# Medication and Water Changes



## newbiefishfanatic (Dec 11, 2008)

If most of you dont already know, i have Ick in one of my tanks.  I have been medicating with Aquari-Sol for sensitive species due to tiny fry in the same tank, for 3 days now. Seems to be working at not letting the infection spread, but the first fish who had it is now COVERED.  

My question is...should i do water changes during the medication treatment? my ammonia is up slightly to .25 and my nitrites the same. Im also wondering if putting in used filter from my established tank would help this ammonia and nitrite problem, if i shouldnt do a water change...


----------



## Riceburner (Mar 14, 2008)

The idea is to raise the water temp so that the life cycle of the ich will be accelerated. The meds kill the young parasite.

http://freshaquarium.about.com/cs/disease/p/ich.htm


> After several days of feasting, the engorged parasite develops into a trophozoite, burrows out of the fish and sinks bottom of the tank. Secreting a soft jellylike substance, it forms a protective membrane inside of which it divides into hundreds of baby parasites, known as tomites. The hungry tomites soon leave their home in search of a fresh fish to dine upon.
> 
> It is during the free-swimming stage, which lasts a mere three days, that the parasite is vulnerable to medication. Once it has burrowed into a new host fish it is safely protected from chemicals in the water.


so the idea is to do a WC every day to suck out as much of the tomites as possible.

And it will get worse on the fish before it gets better....so seeing more is more than probable


----------



## UnderTheSea (Jun 2, 2008)

Can you QT the heavily infected fish?

Are you currently running filtration? Some medications request that the filtration is turned off.


----------



## Riceburner (Mar 14, 2008)

filtration keeps going...just remove any carbon.


----------



## newbiefishfanatic (Dec 11, 2008)

thanks for the info. what happens once the ick is in the host though? it says they are protected from the meds. thats no good. will the infected fish die?!

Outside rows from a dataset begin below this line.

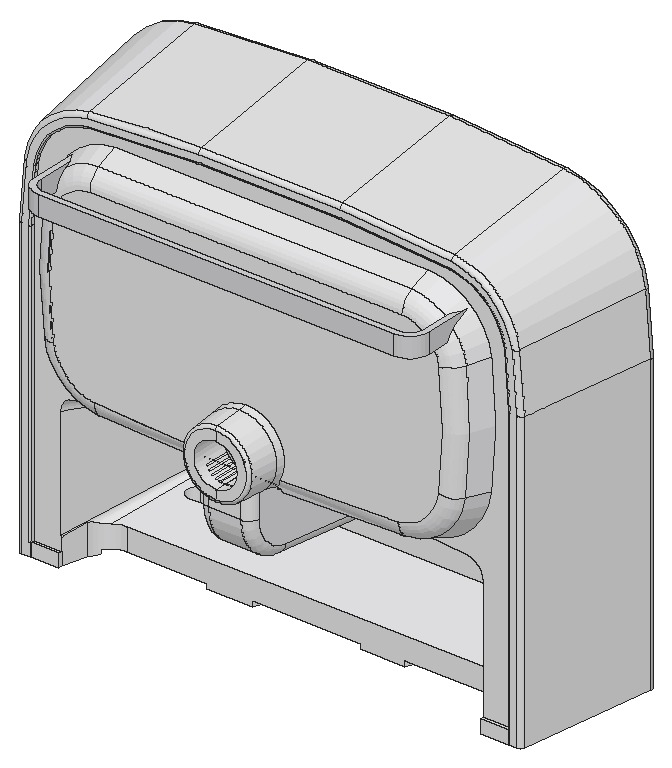
Revit family "Sink-Wall_Mount-Lavatory-KOHLER-MODERN_LIFE-K-77769K_1", category Plumbing Fixtures, host Face, Revit 2017
Family settings
  Host = Face
  Round Connector Dimension = Use Diameter
  Part Type = Normal
  OmniClass Number = 23.31.13.00
  OmniClass Title = Sinks
  Cut with Voids When Loaded = No
  Shared = No
  Room Calculation Point = No
Parameters (values of type "No Faucet Hole,0-White")
  _8 = or(Type = 3)  # no
  _1 = or(Type = 2)  # no
  _0 = or(Type = 1)  # yes
  Width = 21 87/128"  # constant formula
  WaterSense Certified = 1 = 0  # no
  Waste Water Outlet = "Waste Water Outlet"  # constant formula
  Waste Connection = 1 = 1  # yes
  Vent Connection = 1 = 0  # no
  URL = "https://www.kohlerasiapacific.com/"
  Type = 1
  Towel Bar Included = 1 = 1  # yes
  Product Page URL = "https://www.kohlerasiapacific.com/productDetails/77769K?skuid=77769K-0"
  Product Name = "MODERN_LIFE"  # constant formula
  Product Documentation Link = ""
  Model = if(Type = 1, "K-77769K-0", if(Type = 2, "K-77769K-1-0", if(Type = 3, "K-77769K-8-0", "NA")))  # "K-77769K-0"
  Material = "Vitreous China"  # constant formula
  Master Format 2014 Name = "Residential Lavatories and Sinks"  # constant formula
  Master Format 2014 = "22 41 16"  # constant formula
  Manufacturer Address = "No. 158 Jiang Chang San Road, Zhabei District, Shanghai, China"  # constant formula
  Manufacturer = "KOHLER Co."  # constant formula
  Length = 17 187/256"  # constant formula
  Hot Water Inlet = "Hot Water Inlet"  # constant formula
  Height = 8 99/256"  # constant formula
  HW Connection = 1 = 0  # no
  Finish = Kohler-Vitreous_China-0-White
  Environmental Product Declaration = ""
  Drain Included = 1 = 0  # no
  Description = if(Type = 1, "Wall-hung Lavatory with Towel Bar", if(Type = 2, "Wall-hung Lavatory with Towel Bar with single faucet hole", "Wall-hung Lavatory with Towel Bar 8” widespread faucet holes"))  # "Wall-hung Lavatory with Towel Bar"
  Default Elevation = 36"
  Declare Label = ""
  Date Modified = "07/22/2021"  # constant formula
  Date Created = "07/22/2021"  # constant formula
  Copyright = "Copyright KOHLER Co."  # constant formula
  Contact Us = "https://www.kohlerasiapacific.com/contact-us"
  Cold Water Inlet = "Cold Water Inlet"  # constant formula
  CW Connection = 1 = 0  # no
  Assembly Code = "D2010400"
  ADA Compliant = 1 = 0  # no
Reference planes (in)
  plane 1 "Center (Front/Back)": y = 0
  plane 2: z = 0
  plane 3 "Center (Left/Right)": x = 0
  plane 4: y = 8.38672
  plane 5: y = 2.67672
  plane 6: x = 10.84
  plane 7: x = 10
  plane 8: x = 4
  plane 9: x = -4
  plane 10: x = -10
  plane 11: x = -10.83969
  plane 12: z = 17.73047
  plane 13: z = 2.5
  plane 14: z = 7.80263
  plane 15: z = 11.79
  plane 16: y = 1.48213
  plane 17: z = 17.15592
  plane 18: z = 4.67679
Dimensions and locks (in)
  "Width": plane 11 to plane 6
  "Height": plane 1 "Center (Front/Back)" to plane 4
  plane 4 to plane 5 = 5.71"
  plane 10 to plane 7 = 20"
  plane 9 to plane 8 = 8"
  level to plane 13 = 2 1/2"
  "Length": level to plane 12
  plane 12 to level = 17 187/256"
  aligned and locked: plane 2 to host face
  aligned and locked: level to host face
Automatic sketch dimensions
  host sketch curve to host sketch curve = 96"  (x2)
Nested families (in)
  nested 1: "K-77769K" at (0, 0, 0), type "K-77769K"
Connectors (in)
  piping at (0, 1.46526, 7.80263), diameter 1.5, driven by "Waste Connection", driven by "Waste Water Outlet"
    settings: on nested 1, index 1, connector inside diameter 24", connector length 0", flow factor 0, pipe flow 0 GPM, pressure drop 0.00 psi, fitting loss kfactor 0, connector angle 0.00°, fixture units 0, engagement length 0", angle of deflection 0.00°, flow configuration 0, flow direction 2, fitting loss method 0, system type 16, joint type 0, gender type 0, connector reference index -1, connector utility 1, adjustable connector no, is connector primary yes, connector description "Waste Water Outlet"
Definition of nested family "K-77769K"
  Parameters (values of type "K-77769K")
    Single Faucet hole = no
    No Faucet hole = no
    Material = none
    Faucet Hole Spacing = 8"
    B = if(or(Single Faucet hole, No Faucet hole), 7.8", 2 1/2")  # 2 1/2"
    A = if(No Faucet hole, 7.8", 2 1/2")  # 2 1/2"
    8" faucet hole = yes
  Reference planes (in)
    plane 1 "Center (Front/Back)": y = 0
    plane 2: z = 0
    plane 3 "Center (Left/Right)": x = 0
    plane 4: y = 8.38781
    plane 5: y = 2.67781
    plane 6: x = -10
    plane 7: x = 10
    plane 8: x = -10.84
    plane 9: x = 10.84
    plane 10: z = 17.73
    plane 11: z = 11.79
    plane 12: z = 2.5
    plane 13: x = -4
    plane 14: x = 4
    plane 15: z = 2.5
    plane 16: z = 2.5
    plane 17: z = 7.80263
    plane 18: y = 1.48213
  Forms (in)
    Sweep 1, solid, material <- "Material", detail levels medium+fine
      path origin (0, 0, 0) x (1, 0, 0) y (0, 0, 1)
        loop
          line (10.84, 0) -> (10.84, 11.8447)
          arc (10.84, 11.8447) -> (10.79299, 13.06168) -> (10.65223, 14.27139) r 15.77521
          arc (10.65223, 14.27139) -> (9.54456, 16.39907) -> (7.37398, 17.42013) r 3.75
          arc (7.37398, 17.42013) -> (5.10822, 17.62238) -> (2.83517, 17.71061) r 45.28984
          arc (2.83517, 17.71061) -> (0, 17.73) -> (-2.83517, 17.71061) r 207.26772
          arc (-2.83517, 17.71061) -> (-5.10822, 17.62238) -> (-7.37398, 17.42013) r 45.28984
          arc (-7.37398, 17.42013) -> (-9.54456, 16.39907) -> (-10.65223, 14.27139) r 3.75
          arc (-10.65223, 14.27139) -> (-10.79299, 13.06168) -> (-10.84, 11.8447) r 15.77521
          line (-10.84, 11.8447) -> (-10.84, 0)
      profile origin (0, 0, 17.73) x (0, 0, -1) y (0, -1, 0)
        loop
          line (1.3045, -8.38781) -> (1.3045, -2.67781) -> (0.9743, -2.67781)
          arc (0.9743, -2.67781) -> (0.85354, -2.71931) -> (0.7838, -2.82627) r 0.19645
          arc (0.7838, -2.82627) -> (0.25777, -5.46809) -> (-0.00053, -8.14936) r 26.81146
          arc (-0.00053, -8.14936) -> (0.06237, -8.3173) -> (0.22725, -8.38781) r 0.22802
          line (0.22725, -8.38781) -> (1.3045, -8.38781)
    Sweep 2, solid, material <- "Material", detail levels medium+fine
      path origin (0, 0, 0) x (1, 0, 0) y (0, 0, 1)
        loop
          arc (6.30461, 16.89221) -> (0, 17.01742) -> (-6.30461, 16.89221) r 158.79282
          arc (-6.30461, 16.89221) -> (-8.67936, 15.91893) -> (-9.87207, 13.64646) r 3.75
          arc (-9.87207, 13.64646) -> (-10.04126, 11.07146) -> (-9.85737, 8.49748) r 18.86015
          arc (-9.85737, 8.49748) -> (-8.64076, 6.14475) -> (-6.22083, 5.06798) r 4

i cant qt the fish. i only have one tank as a qt tank, and theres already a betta girl in there with mouth fungus. (shipped direct from thailand) 

what about the water params? should i put good used filter in the HOB on the infected tank to help?


----------



## Riceburner (Mar 14, 2008)

The only thing you can kill is the baby parasites, known as tomites.



> It is during the free-swimming stage, which lasts a mere three days, that the parasite is vulnerable to medication. Once it has burrowed into a new host fish it is safely protected from chemicals in the water.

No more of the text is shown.